I've also seen mistral.rs implement qwen 3 vl and gemma 3n vision while vision models languish with obsolete models in llama.cpp
You'd think something with as few contributors as mistral.rs should be the last to get new models (compared to the mountain of people working on lcpp) but here we are.
>>
>>107004760
We share petra with /ldg/ and /sdg/, but not with them.
>>
>>107004846
i can assure you i browse aicg more often than sdg
>>
>>107004840
>all the emojis in the readme
That's not a person, it's a coding agent.
>>
>>107004608
>all models [in our small tested set] loop
I don't believe that repetition loops are necessarily inherent in transformers. It is an artifact of how the models are trained. And I believe some training methods are better than others with this, hence why some models are much less likely to loop than others. Another thing to note about "chaos" here is that basically all of us are using quants which have an effect similar to temperature, so we are already putting models in a kind of pseudo-sampling regime.
>>
>>107003985
I honestly could not wrap my head around what nsigma does exactly. Every other sampler I understand from reading about it. Also trying it out and comparing the token probabilities it often made a bad token jump up to a much higher percentage compared to neutral sampling / minP with temp.
Still, the outputs are far from horrible but I suspect people think it's cool and creative just because the logits changed from what they were used to getting from the same prompt and the novelty bias got them. New feels better than same old as long as it's not completely retarded.
>>
>>107004840
They got tired of people complaining about bugs with new llama releases and decided to over-engineer everything. Now it's too complicated for anyone sane to want to deal with. Keeping support for dozens of obsolete models and a cornucopia of hardware options doesn't help either.

>>107004888
Coding agents go nowhere on llama.cpp PRs.
>>
>>107004840
Both mistral.rs and this new thing use Huggingface Candle as the backend.
You should either be comparing this vs. ollama or Candle vs. llama.cpp.
>>
>>107004846
Who do you think you just replied to? /ldg/ must have started ignoring him because he's focused entirely on here the last few days.
>>
I have banned the word "despite" completely and have not noticed any negative consequences in the last week or so.

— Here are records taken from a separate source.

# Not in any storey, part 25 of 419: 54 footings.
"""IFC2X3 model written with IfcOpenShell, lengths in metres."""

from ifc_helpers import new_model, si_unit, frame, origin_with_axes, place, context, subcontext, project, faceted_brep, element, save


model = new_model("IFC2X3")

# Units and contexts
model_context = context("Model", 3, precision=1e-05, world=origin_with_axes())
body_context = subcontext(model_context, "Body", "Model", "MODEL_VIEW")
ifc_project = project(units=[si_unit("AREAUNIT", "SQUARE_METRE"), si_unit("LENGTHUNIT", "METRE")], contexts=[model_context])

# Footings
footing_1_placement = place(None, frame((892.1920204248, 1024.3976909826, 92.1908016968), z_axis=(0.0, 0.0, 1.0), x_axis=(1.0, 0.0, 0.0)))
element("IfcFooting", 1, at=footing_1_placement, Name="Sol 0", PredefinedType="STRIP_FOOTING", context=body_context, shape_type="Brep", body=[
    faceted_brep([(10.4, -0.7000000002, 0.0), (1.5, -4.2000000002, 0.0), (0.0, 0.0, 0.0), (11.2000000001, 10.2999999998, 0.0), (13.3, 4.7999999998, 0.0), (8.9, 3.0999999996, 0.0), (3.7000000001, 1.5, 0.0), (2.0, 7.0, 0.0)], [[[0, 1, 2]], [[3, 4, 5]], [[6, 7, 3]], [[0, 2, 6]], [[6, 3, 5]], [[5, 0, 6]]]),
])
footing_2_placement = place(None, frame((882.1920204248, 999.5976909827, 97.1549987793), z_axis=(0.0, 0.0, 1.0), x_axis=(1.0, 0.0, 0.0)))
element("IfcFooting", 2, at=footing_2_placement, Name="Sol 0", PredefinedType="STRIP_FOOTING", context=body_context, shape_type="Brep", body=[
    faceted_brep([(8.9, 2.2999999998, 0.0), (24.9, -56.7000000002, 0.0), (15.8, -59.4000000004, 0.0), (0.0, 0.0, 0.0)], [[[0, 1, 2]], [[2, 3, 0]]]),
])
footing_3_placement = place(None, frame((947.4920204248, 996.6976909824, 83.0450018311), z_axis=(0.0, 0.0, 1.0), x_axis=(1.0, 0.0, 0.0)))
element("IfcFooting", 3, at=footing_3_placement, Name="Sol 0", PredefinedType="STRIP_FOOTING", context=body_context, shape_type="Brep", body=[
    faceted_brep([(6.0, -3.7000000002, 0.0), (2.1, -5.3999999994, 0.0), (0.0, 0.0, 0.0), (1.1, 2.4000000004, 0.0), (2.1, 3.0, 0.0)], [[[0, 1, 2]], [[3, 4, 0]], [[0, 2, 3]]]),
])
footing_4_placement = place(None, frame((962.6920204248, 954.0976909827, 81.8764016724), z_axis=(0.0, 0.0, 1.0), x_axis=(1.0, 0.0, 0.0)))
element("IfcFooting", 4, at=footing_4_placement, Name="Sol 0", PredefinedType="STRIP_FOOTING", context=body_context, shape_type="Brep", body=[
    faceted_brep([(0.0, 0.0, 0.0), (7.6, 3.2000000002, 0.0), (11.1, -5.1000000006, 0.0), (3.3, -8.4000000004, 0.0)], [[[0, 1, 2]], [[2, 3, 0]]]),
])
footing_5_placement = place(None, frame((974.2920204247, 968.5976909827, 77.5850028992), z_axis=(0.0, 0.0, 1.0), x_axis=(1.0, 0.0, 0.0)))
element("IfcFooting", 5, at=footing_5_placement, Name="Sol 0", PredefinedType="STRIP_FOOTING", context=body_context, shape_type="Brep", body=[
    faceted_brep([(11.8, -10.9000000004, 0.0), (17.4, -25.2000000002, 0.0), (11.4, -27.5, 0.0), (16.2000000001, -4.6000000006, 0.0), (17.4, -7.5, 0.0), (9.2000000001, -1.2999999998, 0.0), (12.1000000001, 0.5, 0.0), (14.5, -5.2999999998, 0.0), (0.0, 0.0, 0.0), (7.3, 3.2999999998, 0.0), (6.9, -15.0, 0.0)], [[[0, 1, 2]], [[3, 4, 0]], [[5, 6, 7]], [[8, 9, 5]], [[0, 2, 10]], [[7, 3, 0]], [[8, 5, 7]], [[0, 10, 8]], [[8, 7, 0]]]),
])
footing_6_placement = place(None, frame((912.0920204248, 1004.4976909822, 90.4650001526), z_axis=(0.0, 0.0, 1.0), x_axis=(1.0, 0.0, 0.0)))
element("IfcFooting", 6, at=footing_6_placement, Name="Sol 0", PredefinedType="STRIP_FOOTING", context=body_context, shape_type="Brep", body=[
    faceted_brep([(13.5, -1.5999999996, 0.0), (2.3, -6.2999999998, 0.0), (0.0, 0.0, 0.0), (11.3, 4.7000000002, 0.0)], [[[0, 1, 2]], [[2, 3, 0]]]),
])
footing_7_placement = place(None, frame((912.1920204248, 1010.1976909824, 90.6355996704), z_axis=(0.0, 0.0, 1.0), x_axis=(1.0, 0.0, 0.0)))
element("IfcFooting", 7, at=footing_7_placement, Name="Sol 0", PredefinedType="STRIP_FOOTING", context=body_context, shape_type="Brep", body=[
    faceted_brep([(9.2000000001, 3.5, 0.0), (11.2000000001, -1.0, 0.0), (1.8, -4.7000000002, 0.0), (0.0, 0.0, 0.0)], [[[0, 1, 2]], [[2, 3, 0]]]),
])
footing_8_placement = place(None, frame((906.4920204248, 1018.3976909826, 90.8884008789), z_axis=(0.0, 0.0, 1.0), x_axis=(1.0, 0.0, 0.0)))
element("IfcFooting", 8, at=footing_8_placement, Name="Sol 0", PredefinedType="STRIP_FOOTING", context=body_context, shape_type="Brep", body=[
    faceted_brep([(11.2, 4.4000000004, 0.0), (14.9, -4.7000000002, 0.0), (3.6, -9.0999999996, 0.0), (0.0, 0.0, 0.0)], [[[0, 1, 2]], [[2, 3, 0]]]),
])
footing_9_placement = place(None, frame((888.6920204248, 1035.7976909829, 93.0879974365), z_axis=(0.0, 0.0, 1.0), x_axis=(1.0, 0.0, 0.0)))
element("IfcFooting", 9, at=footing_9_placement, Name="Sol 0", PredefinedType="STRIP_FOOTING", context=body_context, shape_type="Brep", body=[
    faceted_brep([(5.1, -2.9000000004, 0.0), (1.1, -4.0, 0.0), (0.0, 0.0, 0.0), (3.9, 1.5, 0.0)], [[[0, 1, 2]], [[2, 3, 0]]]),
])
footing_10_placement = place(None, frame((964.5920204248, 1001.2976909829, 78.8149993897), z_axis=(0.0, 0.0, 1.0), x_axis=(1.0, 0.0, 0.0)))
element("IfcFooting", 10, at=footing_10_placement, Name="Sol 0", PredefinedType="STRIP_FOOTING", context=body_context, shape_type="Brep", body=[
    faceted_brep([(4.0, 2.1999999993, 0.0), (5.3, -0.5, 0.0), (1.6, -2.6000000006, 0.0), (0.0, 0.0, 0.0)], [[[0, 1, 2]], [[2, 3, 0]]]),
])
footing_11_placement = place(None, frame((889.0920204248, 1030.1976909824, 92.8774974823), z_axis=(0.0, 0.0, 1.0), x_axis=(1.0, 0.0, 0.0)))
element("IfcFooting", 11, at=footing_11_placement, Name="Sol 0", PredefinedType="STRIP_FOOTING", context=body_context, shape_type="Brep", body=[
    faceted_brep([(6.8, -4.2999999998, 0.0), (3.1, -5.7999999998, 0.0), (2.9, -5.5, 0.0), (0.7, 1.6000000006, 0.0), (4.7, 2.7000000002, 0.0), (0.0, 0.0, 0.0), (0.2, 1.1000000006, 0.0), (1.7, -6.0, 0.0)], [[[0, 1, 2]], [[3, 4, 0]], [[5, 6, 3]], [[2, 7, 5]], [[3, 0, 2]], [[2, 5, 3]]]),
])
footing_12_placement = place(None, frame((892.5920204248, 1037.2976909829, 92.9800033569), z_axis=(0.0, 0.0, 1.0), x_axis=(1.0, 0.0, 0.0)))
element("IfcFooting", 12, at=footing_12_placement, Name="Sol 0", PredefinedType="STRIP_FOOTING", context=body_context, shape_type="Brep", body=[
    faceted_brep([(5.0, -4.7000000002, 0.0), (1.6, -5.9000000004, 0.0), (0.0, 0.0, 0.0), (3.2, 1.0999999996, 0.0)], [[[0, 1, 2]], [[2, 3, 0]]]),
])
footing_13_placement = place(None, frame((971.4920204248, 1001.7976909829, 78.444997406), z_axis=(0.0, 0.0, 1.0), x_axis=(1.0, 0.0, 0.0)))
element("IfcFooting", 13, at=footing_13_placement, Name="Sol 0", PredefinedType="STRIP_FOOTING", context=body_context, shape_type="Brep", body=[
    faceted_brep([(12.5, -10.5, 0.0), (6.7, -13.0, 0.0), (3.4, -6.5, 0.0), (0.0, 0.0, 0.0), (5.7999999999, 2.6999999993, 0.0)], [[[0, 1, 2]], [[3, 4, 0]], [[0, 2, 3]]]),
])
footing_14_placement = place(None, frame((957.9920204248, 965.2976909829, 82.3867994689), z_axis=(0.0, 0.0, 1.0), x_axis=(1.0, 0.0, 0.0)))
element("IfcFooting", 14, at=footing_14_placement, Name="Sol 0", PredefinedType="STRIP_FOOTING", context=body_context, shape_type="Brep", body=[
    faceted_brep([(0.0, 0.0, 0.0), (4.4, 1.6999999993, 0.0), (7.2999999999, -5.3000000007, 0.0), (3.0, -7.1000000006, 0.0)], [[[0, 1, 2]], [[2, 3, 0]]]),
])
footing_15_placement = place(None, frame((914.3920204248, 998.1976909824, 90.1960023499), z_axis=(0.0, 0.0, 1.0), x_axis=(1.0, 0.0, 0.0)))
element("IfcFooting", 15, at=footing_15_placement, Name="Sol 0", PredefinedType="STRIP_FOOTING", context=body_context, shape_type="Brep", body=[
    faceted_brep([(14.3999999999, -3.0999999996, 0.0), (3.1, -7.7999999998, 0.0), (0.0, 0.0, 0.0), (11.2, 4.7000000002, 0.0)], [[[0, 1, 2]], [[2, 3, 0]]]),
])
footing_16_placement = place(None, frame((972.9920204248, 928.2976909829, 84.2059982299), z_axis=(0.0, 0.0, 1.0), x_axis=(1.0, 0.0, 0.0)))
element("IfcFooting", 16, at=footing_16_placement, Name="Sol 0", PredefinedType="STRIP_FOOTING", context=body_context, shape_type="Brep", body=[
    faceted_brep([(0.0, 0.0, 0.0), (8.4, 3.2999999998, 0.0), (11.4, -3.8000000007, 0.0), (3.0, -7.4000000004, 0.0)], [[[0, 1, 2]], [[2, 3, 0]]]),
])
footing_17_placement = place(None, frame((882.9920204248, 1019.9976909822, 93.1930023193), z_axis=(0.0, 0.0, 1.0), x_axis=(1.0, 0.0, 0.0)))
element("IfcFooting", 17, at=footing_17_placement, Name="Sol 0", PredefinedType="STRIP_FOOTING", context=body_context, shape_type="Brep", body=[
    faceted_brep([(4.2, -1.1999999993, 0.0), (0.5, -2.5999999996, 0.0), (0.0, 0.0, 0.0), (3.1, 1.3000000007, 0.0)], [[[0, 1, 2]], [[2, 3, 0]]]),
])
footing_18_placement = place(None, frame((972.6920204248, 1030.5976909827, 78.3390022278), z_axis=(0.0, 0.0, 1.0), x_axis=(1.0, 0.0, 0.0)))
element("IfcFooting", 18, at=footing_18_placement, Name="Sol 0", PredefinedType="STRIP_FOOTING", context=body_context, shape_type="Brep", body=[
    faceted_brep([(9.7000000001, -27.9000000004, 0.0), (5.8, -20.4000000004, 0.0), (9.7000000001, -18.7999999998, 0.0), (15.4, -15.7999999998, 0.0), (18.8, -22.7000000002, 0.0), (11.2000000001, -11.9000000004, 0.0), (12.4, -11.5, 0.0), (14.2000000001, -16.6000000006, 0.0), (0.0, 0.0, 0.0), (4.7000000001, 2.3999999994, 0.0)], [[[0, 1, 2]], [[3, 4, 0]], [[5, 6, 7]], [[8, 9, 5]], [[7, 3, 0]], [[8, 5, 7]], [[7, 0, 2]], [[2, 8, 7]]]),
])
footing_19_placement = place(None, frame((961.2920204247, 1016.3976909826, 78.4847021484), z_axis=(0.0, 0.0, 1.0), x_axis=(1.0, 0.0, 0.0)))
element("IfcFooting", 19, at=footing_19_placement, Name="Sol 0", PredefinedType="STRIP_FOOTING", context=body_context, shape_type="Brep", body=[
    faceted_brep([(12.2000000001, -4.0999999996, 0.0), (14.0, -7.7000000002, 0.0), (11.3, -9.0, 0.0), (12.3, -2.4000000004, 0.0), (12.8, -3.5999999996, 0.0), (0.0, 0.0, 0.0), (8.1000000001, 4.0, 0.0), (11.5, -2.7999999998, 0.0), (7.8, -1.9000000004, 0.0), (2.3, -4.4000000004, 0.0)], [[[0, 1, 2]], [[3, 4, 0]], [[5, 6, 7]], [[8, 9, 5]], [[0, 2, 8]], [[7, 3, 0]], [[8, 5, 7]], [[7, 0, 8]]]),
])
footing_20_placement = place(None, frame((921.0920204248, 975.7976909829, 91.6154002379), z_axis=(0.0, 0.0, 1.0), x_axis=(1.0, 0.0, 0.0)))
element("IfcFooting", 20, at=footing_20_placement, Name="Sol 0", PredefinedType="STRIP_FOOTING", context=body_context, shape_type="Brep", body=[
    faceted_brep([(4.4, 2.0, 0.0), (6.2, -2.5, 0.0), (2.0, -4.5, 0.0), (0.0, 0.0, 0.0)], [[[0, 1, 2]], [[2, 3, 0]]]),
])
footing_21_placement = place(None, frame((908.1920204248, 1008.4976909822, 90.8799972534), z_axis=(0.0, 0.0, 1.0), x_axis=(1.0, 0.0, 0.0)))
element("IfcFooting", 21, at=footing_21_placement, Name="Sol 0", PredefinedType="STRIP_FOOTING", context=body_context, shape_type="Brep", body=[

I did it after noticing in RP the word almost always leads to slop phrases.
>>
>>107004909
Your software either dies with a concisely made better alternative or lives long enough to bloat into a tinker tranny-esque monstrosity that is perpetually trying to cover every possible usecase with directionless development.
>>
>>107004760
Well, these threads were meant to discuss LLMs in general while aicg is mostly used for RPs and such, but it seems aicg has been more open to actual discussions while these threads have mostly been devolving into memes and bitching. Makes sense, when most 'new' LLMs are just slightly better variants of models released nearly a year ago and have been plateauing pretty hard while trying to look good with stagnant tests that really need reevaluating.
>>
>>107004840
Every time someone brings up an alternative to Llama.cpp, it ends up being that they're all limited (garbage) in ways that are not told to you or advertised. I tried Mistral.rs once and it was like that. Basically unusable as an inference engine for the kind of hardware + model configurations and stuff we do with Llama.cpp. Llama.cpp (and its derivatives) continues to be the leading engine because it supports so many configurations and has a lot of essential features for consumers/hobbiests like us. The disadvantage is that it doesn't support some models, but other engines don't support things that we take for granted on Llama.cpp.
>>
>>107004909
No, there are just different standards for what counts as "model support".
If you need to support only a few specific models and don't care about performance or compatibility with preexisting features then it's simply a lot less work.
>>
File: Despite.jpg (25 KB, 414x409)
25 KB
25 KB JPG
>>107004931
>>
>>107004931
>>107004972
I don't remember any despite-related slop, but I imagine it's still better than
>It's not the 3rd try; it's the 13th.
>?
>Her cock stiffens against your tongue.
>I can't assist you with that.
>>
>>107004760
aicg is filled with people recording themselves pissing into bottles to be able to use claude opus with some leaked/stolen key.
lmg is the people who don't want to record themselves pissing in a bottle for a stolen opus key.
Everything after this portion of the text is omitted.